Before starting my new job, I toured the sights from daylight to dark. On my first day, I rode on a red double-decker bus, and then stopped off at The Tower of London, Big Ben, and Westminster Abbey. Then I spent a week visiting castles. There is plenty of sightseeing, and with the recommendation of my new work friends, I’ll be traveling around the country every weekend for the next ten years. Living in London signifies my deep love for royalty, so I eagerly absorbed the history. This is my new home, and I refuse to be ignorant about the country’s heritage.

I’m stuck in fascination mode, and everything about the country is like a shiny new toy. It’s only been three weeks since I began working in the heart of the city and within walking distance from my hotel. Some nights are split between visiting an old-time pub and the cocktail bars closer to my hotel. The other half of the week, I stay in my hotel room to work on extra projects for the company and gain my footing in this new role while trying to set myself apart from the team in the event that a promotion opportunity arises. If I’m going to do what I said and accelerate my career, I need to be committed and stay up as late working as I do on pub nights.

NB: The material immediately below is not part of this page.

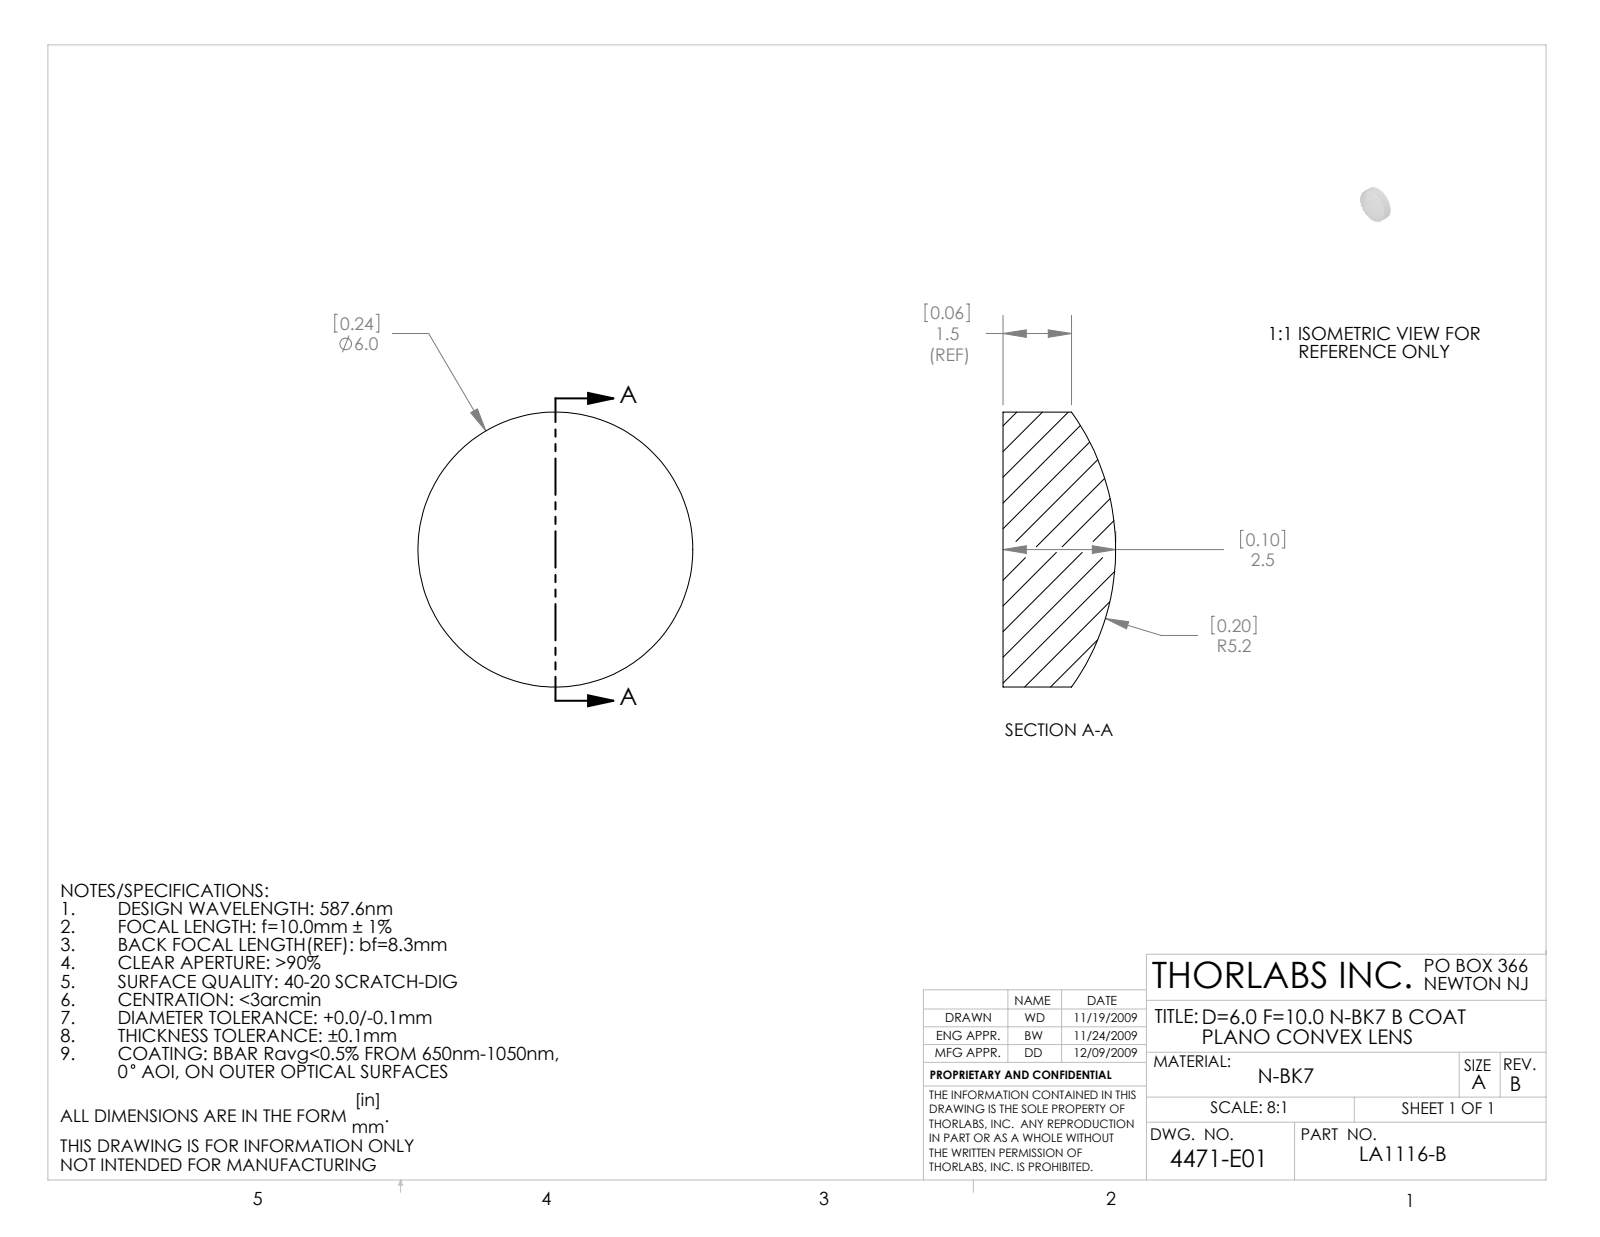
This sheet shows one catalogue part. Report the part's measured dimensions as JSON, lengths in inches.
{"part_name": "4471-E0W", "step_written_by": "SolidWorks 2009 (AUTOMOTIVE_DESIGN)", "units": "inches", "bodies": {"solids": 1, "faces": 5, "planar": 1, "cylindrical": 2, "other": 2}, "overall_size": [0.236, 0.236, 0.097], "volume_in3": 0.003, "surface_area_in2": 0.14, "round_bosses_or_shafts": [[0.236, 1]]}
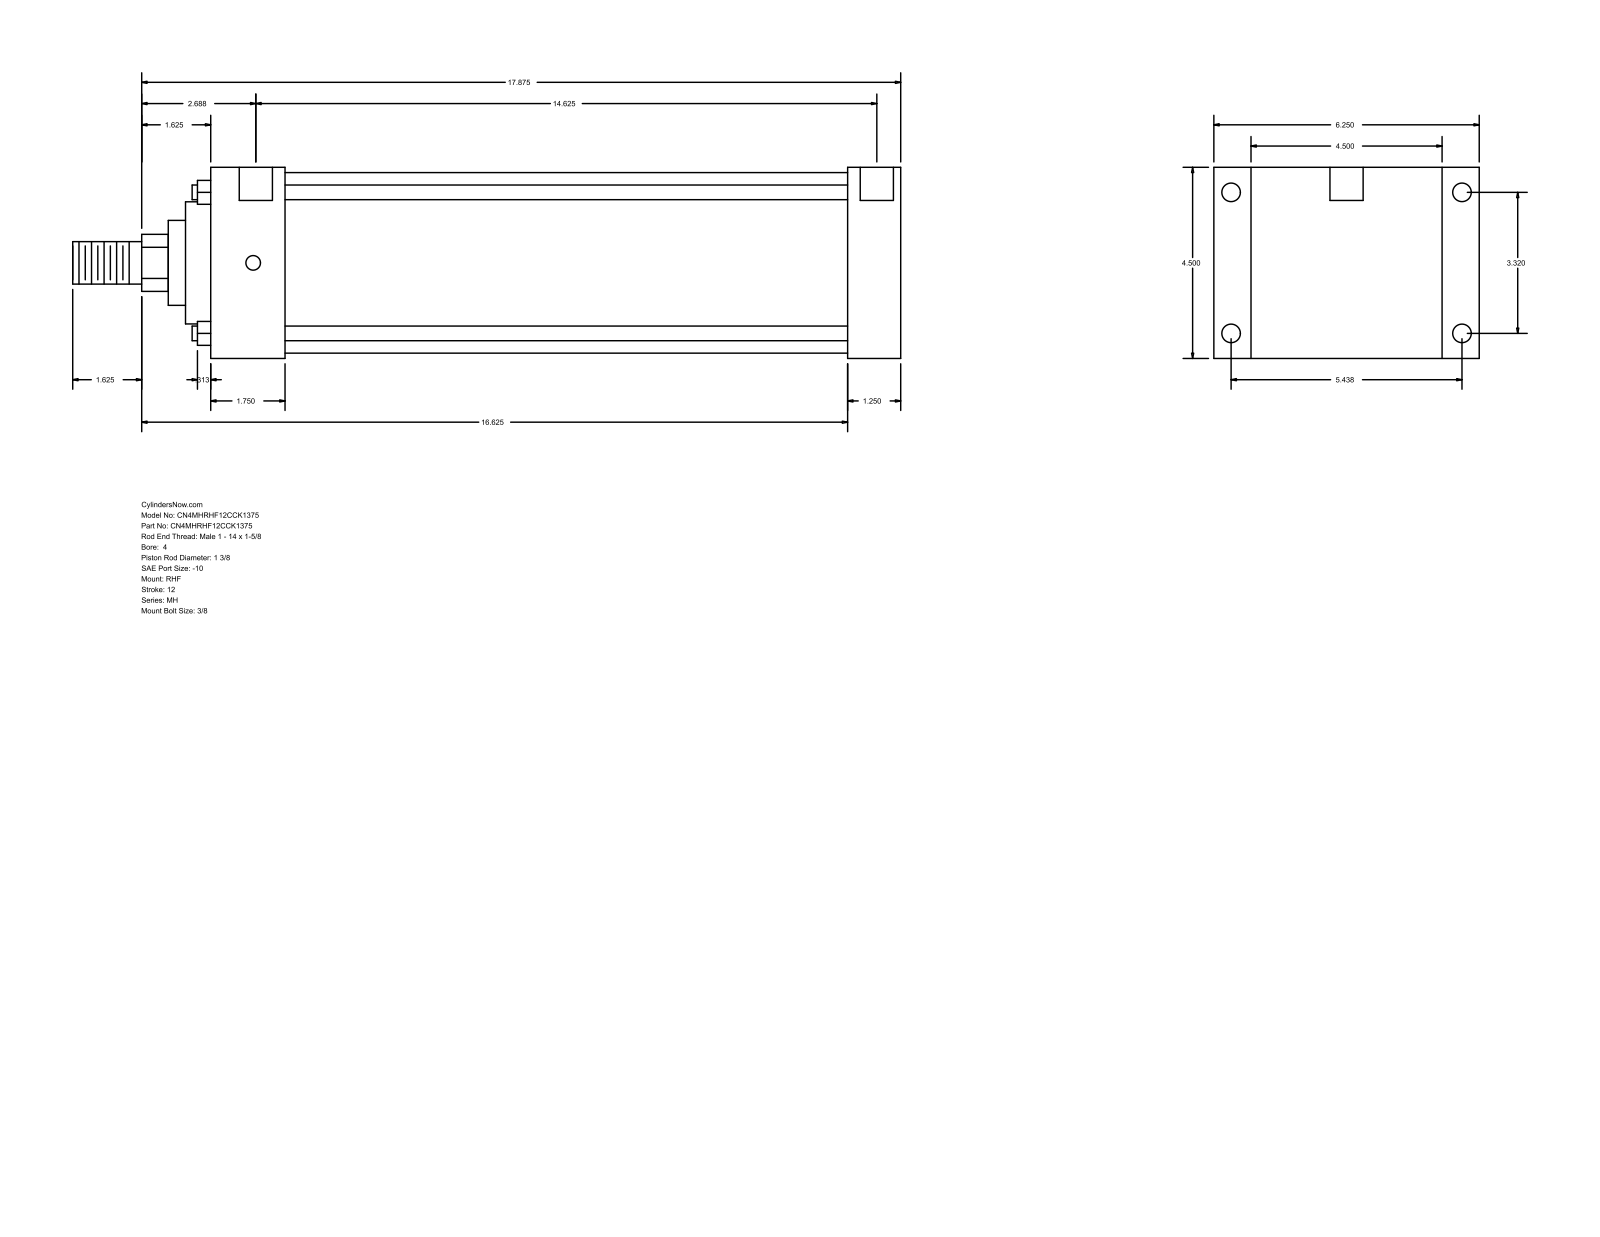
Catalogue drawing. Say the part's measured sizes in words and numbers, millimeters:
The part is named "MH_RHF__0400_1.375". Its 3-D file was written by "GSSL Pune (CONFIG_CONTROL_DESIGN)". It is 0 solids with 90 faces: 61 planar, 29 cylindrical and 0 other. Overall it measures 495.3 by 158.75 by 114.3 millimeters. Round holes: 4 of diameter 8.73, 4 of diameter 11.13, 2 of diameter 19.84. Round bosses or shafts: 4 of diameter 8.76, 1 of diameter 107.95, 1 of diameter 73.03, 1 of diameter 50.8, 1 of diameter 34.92, 1 of diameter 25.4. Partial cylindrical surfaces (rounded edges, fillets, slot ends): 1 of radius 17.06. The main face-to-face distances are 114.3, 31.75, 381, 412.75, 22.23, 136.53, 44.45, 336.55, 368.3, 158.76. The hole center spacings are 84.32, 138.12, 161.82, 374.65, 1.58, 1.59, 371.48, 373.06.

While I love trendy cocktail bars, like the ones I frequented with my friends in LA, the old-time bars give a timeless feel since they have been around for centuries. As long as I’m not expected to quote Shakespeare, I have slipped into discussions relatively easily, especially since topics with my work colleagues have moved beyond questions about living in Los Angeles and why I moved when Hollywood was at my doorstep.

A career change and making a name for myself as a professional is my response because every time I think about home, tears threaten to unhinge me, and I question my decision.

Penny.

Hugh.

Every morning, when I open my eyes, I think about them, their families, and how happy they are. Taking the risk and creating a new life is hard when all I want to do is hug my best friends.

And Penny’s baby.

Being mindful of my happiness and not feeling like the worst best friend is more difficult than I thought.

It’s the end of the working week, and before I step inside the pub, out of the wind, my cell chimes in my bag.

It is Piper from the office.

Hey, we’re all meeting at a bar in Notting Hill tomorrow to watch the game. Do you want to join us?

It’s my first official invite that excludes meeting work colleagues for a drink after work. And, it is my first free Saturday where I haven’t busied myself exploring the city. After I text back , I’m still smiling as I walk into the grand old-time bar.

The bartender fixes me a gin and tonic, which I down quickly and ask for another before I leave the safety of the bar to find a seat.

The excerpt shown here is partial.